(DATA FOR THE TASK Opens)
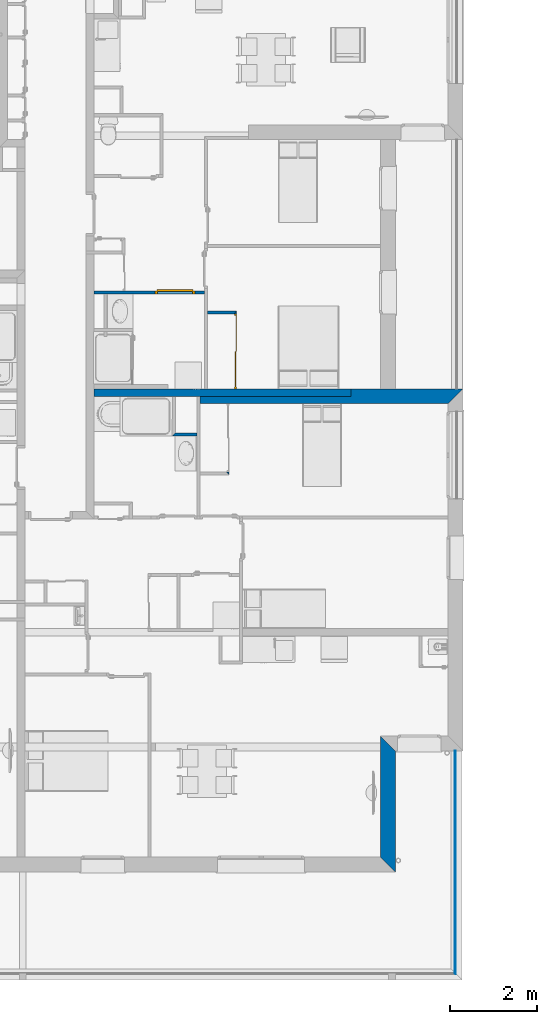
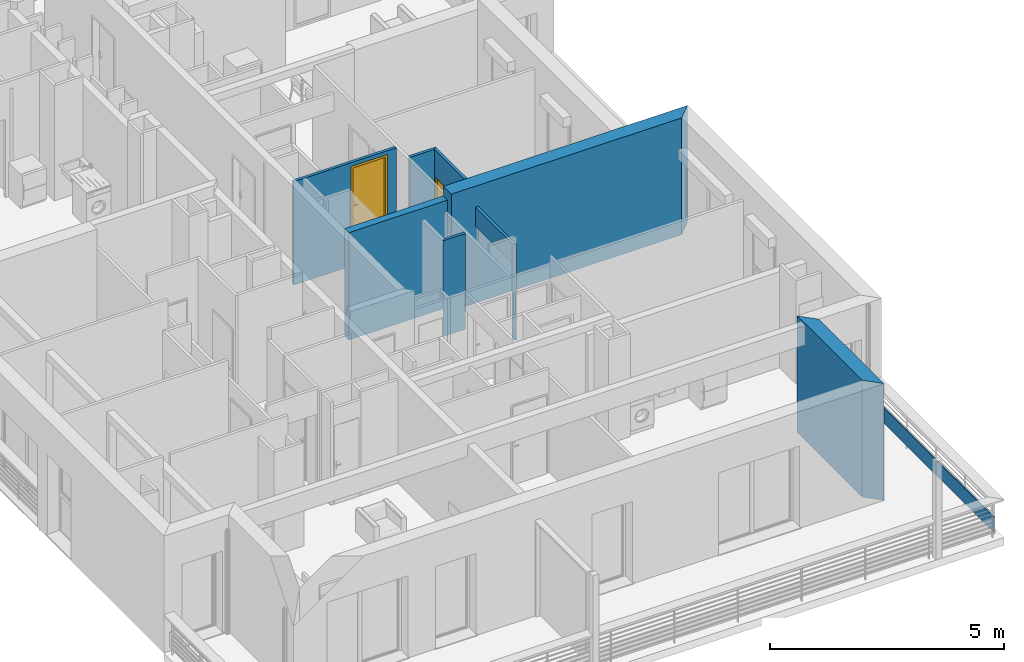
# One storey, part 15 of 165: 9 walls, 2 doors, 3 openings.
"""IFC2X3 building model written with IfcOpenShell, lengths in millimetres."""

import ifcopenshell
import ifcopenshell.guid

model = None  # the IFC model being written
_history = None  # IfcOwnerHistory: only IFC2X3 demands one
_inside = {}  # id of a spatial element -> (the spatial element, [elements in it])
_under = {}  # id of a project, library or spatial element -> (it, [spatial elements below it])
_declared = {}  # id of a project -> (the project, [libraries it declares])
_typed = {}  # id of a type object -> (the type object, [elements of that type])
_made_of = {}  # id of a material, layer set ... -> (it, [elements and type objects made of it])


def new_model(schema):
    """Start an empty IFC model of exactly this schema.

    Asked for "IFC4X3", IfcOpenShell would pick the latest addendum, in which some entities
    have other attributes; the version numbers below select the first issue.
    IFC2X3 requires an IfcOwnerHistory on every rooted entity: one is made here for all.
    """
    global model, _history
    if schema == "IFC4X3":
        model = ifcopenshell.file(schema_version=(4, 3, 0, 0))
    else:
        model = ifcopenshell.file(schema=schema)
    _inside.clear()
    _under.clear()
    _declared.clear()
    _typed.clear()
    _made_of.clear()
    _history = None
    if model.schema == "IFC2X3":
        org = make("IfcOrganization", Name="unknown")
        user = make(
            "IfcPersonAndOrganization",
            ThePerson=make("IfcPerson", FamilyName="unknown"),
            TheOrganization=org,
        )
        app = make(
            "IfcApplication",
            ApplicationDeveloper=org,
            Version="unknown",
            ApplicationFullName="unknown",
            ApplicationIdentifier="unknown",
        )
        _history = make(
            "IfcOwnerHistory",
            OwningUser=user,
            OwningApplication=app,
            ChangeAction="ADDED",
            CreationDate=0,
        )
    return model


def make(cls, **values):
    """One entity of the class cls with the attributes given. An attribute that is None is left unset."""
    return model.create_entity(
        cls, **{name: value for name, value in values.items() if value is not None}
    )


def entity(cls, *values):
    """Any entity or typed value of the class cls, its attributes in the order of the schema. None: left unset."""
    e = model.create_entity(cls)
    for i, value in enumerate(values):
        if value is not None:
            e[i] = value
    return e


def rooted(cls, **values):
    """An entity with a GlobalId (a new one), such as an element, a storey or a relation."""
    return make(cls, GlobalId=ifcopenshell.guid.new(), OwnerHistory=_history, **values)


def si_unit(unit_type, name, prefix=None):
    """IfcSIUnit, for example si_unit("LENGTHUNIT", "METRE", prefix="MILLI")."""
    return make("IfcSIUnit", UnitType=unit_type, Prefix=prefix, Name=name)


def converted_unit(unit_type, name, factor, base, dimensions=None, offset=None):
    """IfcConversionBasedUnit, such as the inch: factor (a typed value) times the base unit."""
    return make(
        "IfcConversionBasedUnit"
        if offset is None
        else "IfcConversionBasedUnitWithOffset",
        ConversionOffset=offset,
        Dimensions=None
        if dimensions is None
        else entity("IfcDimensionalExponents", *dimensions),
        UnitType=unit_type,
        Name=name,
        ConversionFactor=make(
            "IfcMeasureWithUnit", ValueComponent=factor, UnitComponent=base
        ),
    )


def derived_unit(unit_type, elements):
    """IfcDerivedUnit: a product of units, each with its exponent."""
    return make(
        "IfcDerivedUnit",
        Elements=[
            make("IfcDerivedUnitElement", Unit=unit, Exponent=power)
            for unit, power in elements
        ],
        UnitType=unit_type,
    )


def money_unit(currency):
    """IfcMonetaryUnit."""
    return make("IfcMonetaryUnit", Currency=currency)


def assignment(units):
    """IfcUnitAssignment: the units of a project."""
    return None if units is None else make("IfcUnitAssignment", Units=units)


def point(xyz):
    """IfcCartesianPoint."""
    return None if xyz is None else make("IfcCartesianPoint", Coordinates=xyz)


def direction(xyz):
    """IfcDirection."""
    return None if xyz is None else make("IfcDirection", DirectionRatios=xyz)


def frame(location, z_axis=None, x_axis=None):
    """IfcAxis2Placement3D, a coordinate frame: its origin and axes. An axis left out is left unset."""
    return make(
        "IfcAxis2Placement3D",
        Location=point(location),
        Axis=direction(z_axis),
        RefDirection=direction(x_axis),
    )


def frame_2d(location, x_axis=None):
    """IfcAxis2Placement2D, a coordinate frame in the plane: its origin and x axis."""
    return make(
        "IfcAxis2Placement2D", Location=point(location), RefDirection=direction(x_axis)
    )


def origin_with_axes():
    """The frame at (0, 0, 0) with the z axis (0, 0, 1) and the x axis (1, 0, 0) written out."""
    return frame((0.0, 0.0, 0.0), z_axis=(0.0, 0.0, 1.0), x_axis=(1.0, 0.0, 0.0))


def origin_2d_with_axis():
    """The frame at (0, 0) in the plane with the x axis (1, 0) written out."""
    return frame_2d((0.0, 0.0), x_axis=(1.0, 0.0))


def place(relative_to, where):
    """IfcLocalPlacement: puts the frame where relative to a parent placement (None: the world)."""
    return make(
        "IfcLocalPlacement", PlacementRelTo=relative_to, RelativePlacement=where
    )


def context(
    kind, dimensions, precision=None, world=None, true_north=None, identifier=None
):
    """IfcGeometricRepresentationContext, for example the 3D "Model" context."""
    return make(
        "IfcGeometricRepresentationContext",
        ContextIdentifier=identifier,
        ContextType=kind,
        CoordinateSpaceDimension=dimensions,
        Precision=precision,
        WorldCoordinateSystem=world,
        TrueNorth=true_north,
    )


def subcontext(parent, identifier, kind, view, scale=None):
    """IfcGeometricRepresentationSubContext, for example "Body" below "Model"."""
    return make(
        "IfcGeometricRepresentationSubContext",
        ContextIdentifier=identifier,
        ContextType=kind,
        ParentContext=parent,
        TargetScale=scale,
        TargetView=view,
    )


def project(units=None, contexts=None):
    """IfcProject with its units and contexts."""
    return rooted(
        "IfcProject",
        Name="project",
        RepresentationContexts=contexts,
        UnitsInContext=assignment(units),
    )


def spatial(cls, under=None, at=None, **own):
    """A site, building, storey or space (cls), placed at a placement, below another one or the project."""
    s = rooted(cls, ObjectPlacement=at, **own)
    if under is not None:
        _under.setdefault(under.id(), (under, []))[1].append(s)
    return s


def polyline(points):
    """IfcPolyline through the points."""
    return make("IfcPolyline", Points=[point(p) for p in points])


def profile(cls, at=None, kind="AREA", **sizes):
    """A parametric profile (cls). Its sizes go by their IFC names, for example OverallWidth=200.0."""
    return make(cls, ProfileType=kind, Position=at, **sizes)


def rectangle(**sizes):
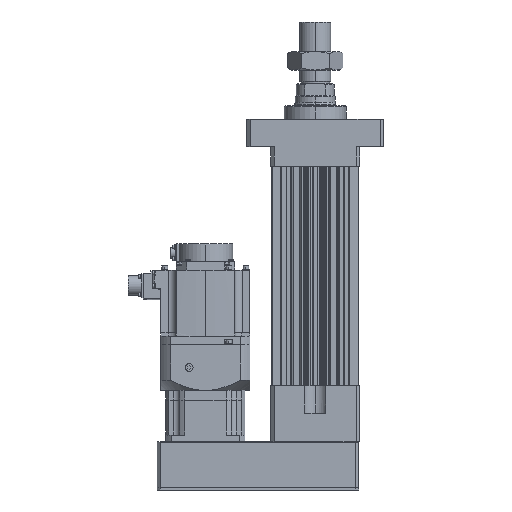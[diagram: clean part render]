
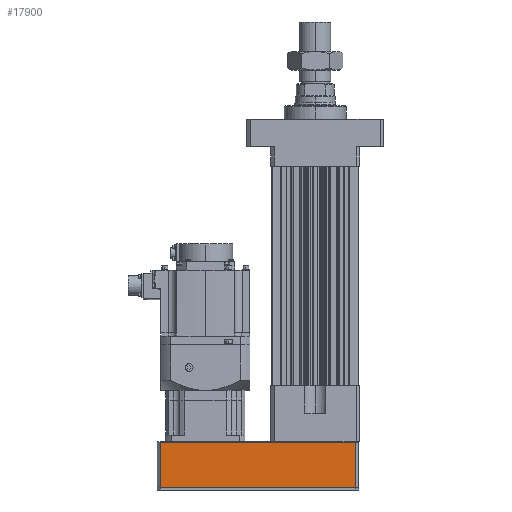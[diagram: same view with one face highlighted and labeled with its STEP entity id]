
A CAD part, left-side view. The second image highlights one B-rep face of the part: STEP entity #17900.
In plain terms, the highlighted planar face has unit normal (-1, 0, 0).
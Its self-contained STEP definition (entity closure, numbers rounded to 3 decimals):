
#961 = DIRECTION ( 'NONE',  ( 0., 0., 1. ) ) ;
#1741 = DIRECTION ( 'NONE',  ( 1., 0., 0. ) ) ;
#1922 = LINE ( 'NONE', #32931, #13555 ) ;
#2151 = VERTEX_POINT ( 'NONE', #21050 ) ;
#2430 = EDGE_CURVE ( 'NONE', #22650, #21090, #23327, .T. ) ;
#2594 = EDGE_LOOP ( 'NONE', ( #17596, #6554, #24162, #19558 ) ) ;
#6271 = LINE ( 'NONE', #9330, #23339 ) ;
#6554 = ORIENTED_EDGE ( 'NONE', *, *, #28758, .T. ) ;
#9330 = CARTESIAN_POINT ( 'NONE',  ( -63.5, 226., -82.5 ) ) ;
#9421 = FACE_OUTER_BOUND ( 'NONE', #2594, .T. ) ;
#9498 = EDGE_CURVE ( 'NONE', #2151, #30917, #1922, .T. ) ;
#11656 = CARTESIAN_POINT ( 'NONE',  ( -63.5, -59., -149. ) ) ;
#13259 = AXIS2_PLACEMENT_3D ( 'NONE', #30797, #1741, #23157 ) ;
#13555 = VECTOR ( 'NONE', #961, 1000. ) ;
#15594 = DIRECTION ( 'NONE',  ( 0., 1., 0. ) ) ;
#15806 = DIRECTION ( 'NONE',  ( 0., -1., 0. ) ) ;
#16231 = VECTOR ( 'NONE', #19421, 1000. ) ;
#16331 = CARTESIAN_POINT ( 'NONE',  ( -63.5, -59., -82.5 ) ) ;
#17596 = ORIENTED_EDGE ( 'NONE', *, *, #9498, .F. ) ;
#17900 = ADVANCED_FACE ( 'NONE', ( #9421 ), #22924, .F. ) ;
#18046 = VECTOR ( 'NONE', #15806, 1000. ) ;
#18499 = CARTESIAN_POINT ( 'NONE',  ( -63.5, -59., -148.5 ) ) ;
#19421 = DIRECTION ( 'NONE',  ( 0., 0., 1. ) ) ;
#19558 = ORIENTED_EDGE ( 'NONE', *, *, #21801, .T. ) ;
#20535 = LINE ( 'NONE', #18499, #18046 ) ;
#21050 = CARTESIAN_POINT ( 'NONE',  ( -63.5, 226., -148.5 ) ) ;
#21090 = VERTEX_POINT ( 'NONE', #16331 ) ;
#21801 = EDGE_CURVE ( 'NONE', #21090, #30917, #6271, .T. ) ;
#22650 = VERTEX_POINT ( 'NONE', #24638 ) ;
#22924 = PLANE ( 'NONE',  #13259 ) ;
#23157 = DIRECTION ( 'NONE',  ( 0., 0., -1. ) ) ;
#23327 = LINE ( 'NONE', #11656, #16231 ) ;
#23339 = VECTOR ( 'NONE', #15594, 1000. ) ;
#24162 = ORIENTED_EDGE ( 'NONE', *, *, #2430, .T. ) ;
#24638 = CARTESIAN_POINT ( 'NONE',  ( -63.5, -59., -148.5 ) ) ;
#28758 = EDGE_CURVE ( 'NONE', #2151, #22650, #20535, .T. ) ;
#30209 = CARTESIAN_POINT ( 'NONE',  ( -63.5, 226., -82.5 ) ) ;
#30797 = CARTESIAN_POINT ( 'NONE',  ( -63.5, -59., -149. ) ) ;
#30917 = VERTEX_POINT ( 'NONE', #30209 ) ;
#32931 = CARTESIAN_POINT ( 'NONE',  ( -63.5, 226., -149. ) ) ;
(DATA FOR THE TASK Closes)
**PROBLEM REQUIREMENTS:** Check each line of the entries above for the word "currency". List the ones that have it.

**SOLUTION FOR THIS TASK:**
def money_unit(currency):
    return make("IfcMonetaryUnit", Currency=currency)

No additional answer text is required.